# Plantronics GameCom 780 USB Cable Repair



## ShoeLace1291 (May 27, 2009)

About 8 months or so back, I bought the Plantronics GameCom 780 USB Surround-Sound Headset. It's been great, except for the USB cable. The problem with it was that the cable itself was getting extremely curled up. The curls were hindering the overall length of the cable. I eventually decided to try to straighten out the cable by pulling it down along the corner of the edge of my desk, back and forth. This worked the first couple of times, however, the same spots started to curl up again. I tried it again, and it straightened. I was doing this while the headset was plugged in and I had music playing. At one point, the music stopped and I had no sound.

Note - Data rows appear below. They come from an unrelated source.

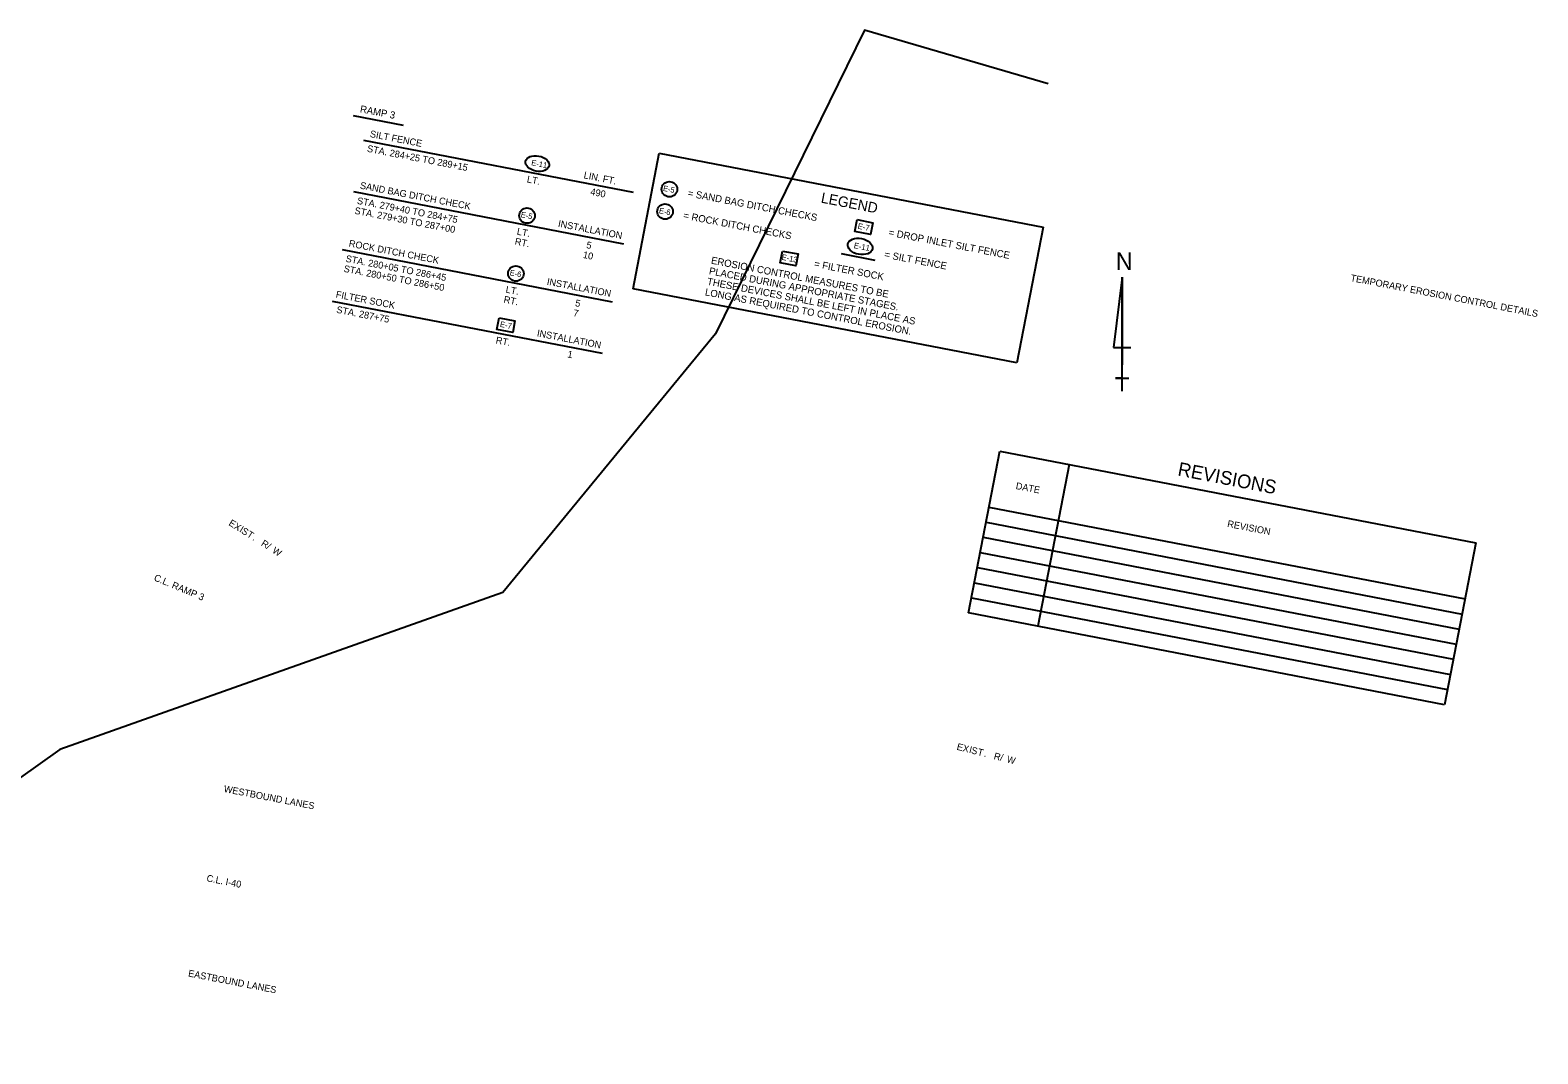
# Model space of a CAD drawing. Extents: x 609582 to 612199, y 418411 to 420210.
# Drawn here: x 610877 to 612199, y 419313 to 420210 of the extents above; entities that cross this region are included whole.
import ezdxf

# ---------------------------------------------------------------- set-up
doc = ezdxf.new("R2010")
doc.units = 0
for name, color, linetype in [('1', 7, 'Continuous'), ('44', 7, 'Continuous'), ('Default', 7, 'Continuous'), ('G-ANNO-TEXT', 7, 'Continuous'), ('Level 1', 7, 'Continuous'), ('Level 44', 7, 'Continuous'), ('R_Draft', 7, 'Continuous'), ('X_ARROWS_LEGEND', 7, 'Continuous')]:
    doc.layers.add(name, color=color, linetype=linetype)

msp = doc.modelspace()

# ---------------------------------------------------------------- linework, layer by layer
at = {"layer": '1'}
msp.add_ellipse((611321.8, 420093.3), major_axis=(10.3, -2), ratio=0.638788, dxfattribs=at)
at = {"layer": 'G-ANNO-TEXT'}
for p, q in [((611160.5, 420135.5), (611204.3, 420127)), ((611169.3, 420113.8), (611405.9, 420068.1)), ((611160.6, 420068.7), (611397.2, 420023)), ((611150.7, 420017.8), (611387.4, 419972.1)), ((611142, 419972.6), (611378.7, 419927))]:
    msp.add_line(p, q, dxfattribs=at)
at = {"layer": 'Level 44'}
msp.add_lwpolyline([(611588.1, 420014.4), (611617.7, 420008.7)], dxfattribs=at)
at = {"layer": 'R_Draft'}
for points in [[(611769.6, 420163.3), (611608.6, 420210.3), (611478, 419944)], [(611478, 419944), (611291.7, 419717.1), (610903.4, 419579.6)], [(610903.4, 419579.6), (610554.2, 419331.2), (609660.1, 418415.1)]]:
    msp.add_lwpolyline(points, dxfattribs=at)
at = {"layer": 'X_ARROWS_LEGEND'}
for p, q in [((611405.7, 419983.5), (611428.6, 420102.4)), ((611428.6, 420102.4), (611765.1, 420037.4)), ((611765.1, 420037.4), (611742.1, 419918.6)), ((611834.4, 419993.6), (611826.7, 419932)), ((611834.4, 419893.6), (611834.4, 419993.6)), ((611834.4, 419993.6), (611834.4, 419916.7)), ((611742.1, 419918.6), (611405.7, 419983.5)), ((611826.7, 419932), (611842.1, 419932)), ((611834.4, 419893.6), (611834.4, 419916.7)), ((611834.4, 419905.1), (611828.6, 419905.1)), ((611828.6, 419905.1), (611840.2, 419905.1)), ((611834.4, 419893.6), (611834.4, 419905.1)), ((611699.8, 419699.3), (611727.2, 419841.2)), ((611727.2, 419841.2), (612144.5, 419760.7)), ((611787.9, 419829.5), (611760.5, 419687.6)), ((611717.7, 419792.1), (612135, 419711.6)), ((611715.2, 419778.9), (612132.4, 419698.3)), ((611712.6, 419765.6), (612129.9, 419685.1)), ((611710, 419752.4), (612127.3, 419671.8)), ((611710, 419752.4), (612127.3, 419671.8)), ((612144.5, 419760.7), (612117.1, 419618.8)), ((611707.5, 419739.1), (612124.8, 419658.6)), ((611704.9, 419725.8), (612122.2, 419645.3)), ((611702.4, 419712.6), (612119.7, 419632)), ((612117.1, 419618.8), (611699.8, 419699.3))]:
    msp.add_line(p, q, dxfattribs=at)
for points in [[(611602, 420044.1), (611615.8, 420041.4), (611613.8, 420031.1), (611600, 420033.8)], [(611536.7, 420016.6), (611550.4, 420014), (611548.5, 420003.7), (611534.7, 420006.3)], [(611288.4, 419958.1), (611302.2, 419955.4), (611300.2, 419945.1), (611286.4, 419947.8)]]:
    msp.add_lwpolyline(points, close=True, dxfattribs=at)
for centre, major_axis, ratio in [((611437.6, 420070.8), (-6.76, 1.31), 0.97521), ((611312.8, 420047.6), (-6.76, 1.31), 0.97521), ((611433.8, 420051.2), (-6.76, 1.31), 0.97521), ((611604.7, 420020.6), (10.8, -2.1), 0.638788), ((611303, 419996.8), (-6.76, 1.31), 0.97521)]:
    msp.add_ellipse(centre, major_axis=major_axis, ratio=ratio, dxfattribs=at)

# ---------------------------------------------------------------- texts
at = {"layer": '1'}
msp.add_text('E-11', height=4.8, rotation=349.0745, dxfattribs=at).set_placement((611316.2, 420091.9))
at = {"layer": '44'}
msp.add_text('SILT FENCE      ', height=6, rotation=349.0745, dxfattribs=at).set_placement((611174.7, 420116.6))
at = {"layer": 'Default'}
msp.add_text('C.L. RAMP 3', height=6, rotation=337.1402, dxfattribs=at).set_placement((610985.2, 419728))
at = {"layer": 'G-ANNO-TEXT'}
for s, height, p in [('RAMP 3', 6.25, (611166, 420138.3)), ('SILT FENCE', 6, (611174.7, 420116.6)), ('STA. 284+25 TO 289+15', 6, (611172.2, 420103.7)), ('LT. ', 6, (611312.3, 420076.8)), ('LIN. FT.', 6, (611362.1, 420080.4)), ('SAND BAG DITCH CHECK', 6, (611166, 420071.4)), ('490', 6, (611367.9, 420065.9)), ('STA. 279+30 TO 287+00', 6, (611161.2, 420049.3)), ('STA. 279+40 TO 284+75', 6, (611163.4, 420058)), ('INSTALLATION ', 6, (611339.6, 420037.9)), ('ROCK DITCH CHECK', 6, (611156.2, 420020.6)), ('RT. ', 6, (611301.7, 420022.3)), ('LT. ', 6, (611303.5, 420031)), ('STA. 280+05 TO 286+45', 6, (611153.4, 420007.2)), ('10', 6, (611361.4, 420010.6)), ('5', 6, (611364.4, 420019.2)), ('STA. 280+50 TO 286+50', 6, (611151.7, 419998.4)), ('LT. ', 6, (611293.7, 419980.2)), ('INSTALLATION ', 6, (611329.8, 419987.1)), ('TEMPORARY EROSION CONTROL DETAILS', 6, (612034.2, 419990.3)), ('FILTER SOCK', 6, (611144.8, 419975.9)), ('RT. ', 6, (611291.9, 419971.4)), ('5', 6, (611354.6, 419968.3)), ('STA. 287+75', 6, (611145.3, 419962.5)), ('7', 6, (611352.9, 419959.6)), ('INSTALLATION ', 6, (611321.1, 419941.9)), ('RT. ', 6, (611285, 419935.7)), ('1', 6, (611347.8, 419923.4))]:
    msp.add_text(s, height=height, rotation=349.0745, dxfattribs=at).set_placement(p)
at = {"layer": 'Level 1'}
for s, p in [('= DROP INLET SILT FENCE', (611629.3, 420030.1)), ('= SILT FENCE', (611625.6, 420010.8)), ('= FILTER SOCK', (611564, 420002.6))]:
    msp.add_text(s, height=6.25, rotation=349.0745, dxfattribs=at).set_placement(p)
at = {"layer": 'R_Draft'}
for s, rotation, p in [('E', 327.7725, (611050.7, 419776.6)), ('X', 327.7725, (611055.3, 419773.7)), ('I', 327.7725, (611060.1, 419770.7)), ('S', 327.7725, (611061.8, 419769.6)), ('T', 327.7725, (611066.6, 419766.6)), ('.', 327.7725, (611071.6, 419763.4)), ('R', 327.7725, (611079.1, 419758.7)), ('/', 327.7725, (611083.9, 419755.7)), ('W', 327.7725, (611088.9, 419752.5)), ('E', 345.8227, (611689, 419579.4)), ('X', 345.8227, (611694.2, 419578.1)), ('I', 345.8227, (611699.8, 419576.7)), ('S', 345.8227, (611701.7, 419576.2)), ('T', 345.8227, (611707.2, 419574.8)), ('R', 345.8227, (611721.5, 419571.2)), ('.', 345.8227, (611712.9, 419573.4)), ('/', 345.8227, (611727, 419569.8)), ('W', 345.8227, (611732.7, 419568.4)), ('WESTBOUND LANES', 349.0745, (611046.6, 419542.3)), ('C.L. I-40', 349.0745, (611031.5, 419464)), ('EASTBOUND LANES', 349.0745, (611015.4, 419380.6))]:
    msp.add_text(s, height=6, rotation=rotation, dxfattribs=at).set_placement(p)
at = {"layer": 'X_ARROWS_LEGEND'}
for s, height, rotation, p in [('E-5', 4.88, 349.0745, (611431.7, 420069.4)), ('= SAND BAG DITCH CHECKS', 6.25, 349.0745, (611453.2, 420064.6)), ('LEGEND', 9.14, 349.0745, (611569.9, 420059.1)), ('E-6', 4.88, 349.0745, (611428.1, 420049.8)), ('E-5', 4.88, 349.0745, (611307, 420046.3)), ('= ROCK DITCH CHECKS', 6.25, 349.0745, (611449.4, 420045)), ('E-7', 5, 348.6922, (611602.3, 420036.2)), ('E-13', 5, 348.6922, (611535.6, 420009)), ('E-11', 5, 349.0745, (611598.9, 420019.2)), ('N', 15.4, 360, (611828.8, 420000)), ('E-6', 4.88, 349.0745, (611297.3, 419995.4)), ('PLACED DURING APPROPRIATE STAGES. ', 6.25, 349.0745, (611471.9, 419996.3)), ('EROSION CONTROL MEASURES TO BE', 6.25, 349.0745, (611473.7, 420005.6)), ('THESE DEVICES SHALL BE LEFT IN PLACE AS ', 6.25, 349.0745, (611470.2, 419987.1)), ('LONG AS REQUIRED TO CONTROL EROSION.', 6.25, 349.0745, (611468.4, 419977.8)), ('E-7', 5, 348.6922, (611288.7, 419950.2)), ('REVISIONS', 12, 349.0745, (611882.5, 419819.9)), ('DATE', 6, 349.0745, (611740.8, 419808)), ('REVISION', 6, 349.0745, (611926.2, 419774.8))]:
    msp.add_text(s, height=height, rotation=rotation, dxfattribs=at).set_placement(p)

doc.saveas('drawing.dxf')

I decided to strip the insulation of the wire over the area that I was straightening and found that the wires inside had broken completely. I attempted to reconnect them with duct tape. When I found that that hadn't worked, I reattempted and reattempted, but I have not had any luck at all.

Does anyone know of an easy way to replace the cable of this headset? The opposite end(not the plug end) is hard-wired into the headset itself, so it's not like I can just buy a new one. Any ideas?


----------



## JimE (Apr 16, 2009)

Replace it.

The wire used in those cables is so fine that it typically cannot be repaired. The proper repair would be to solder the ends together, but that typically will not work with those type of wires.

And not that is matter now, but you shouldn't pull/stretch/"straighten" headphones wires...because the wires are thin and fragile and it typically results in what you are now experiencing.

If the cord isn't long enough, get an extension cable.

Live and learn.


----------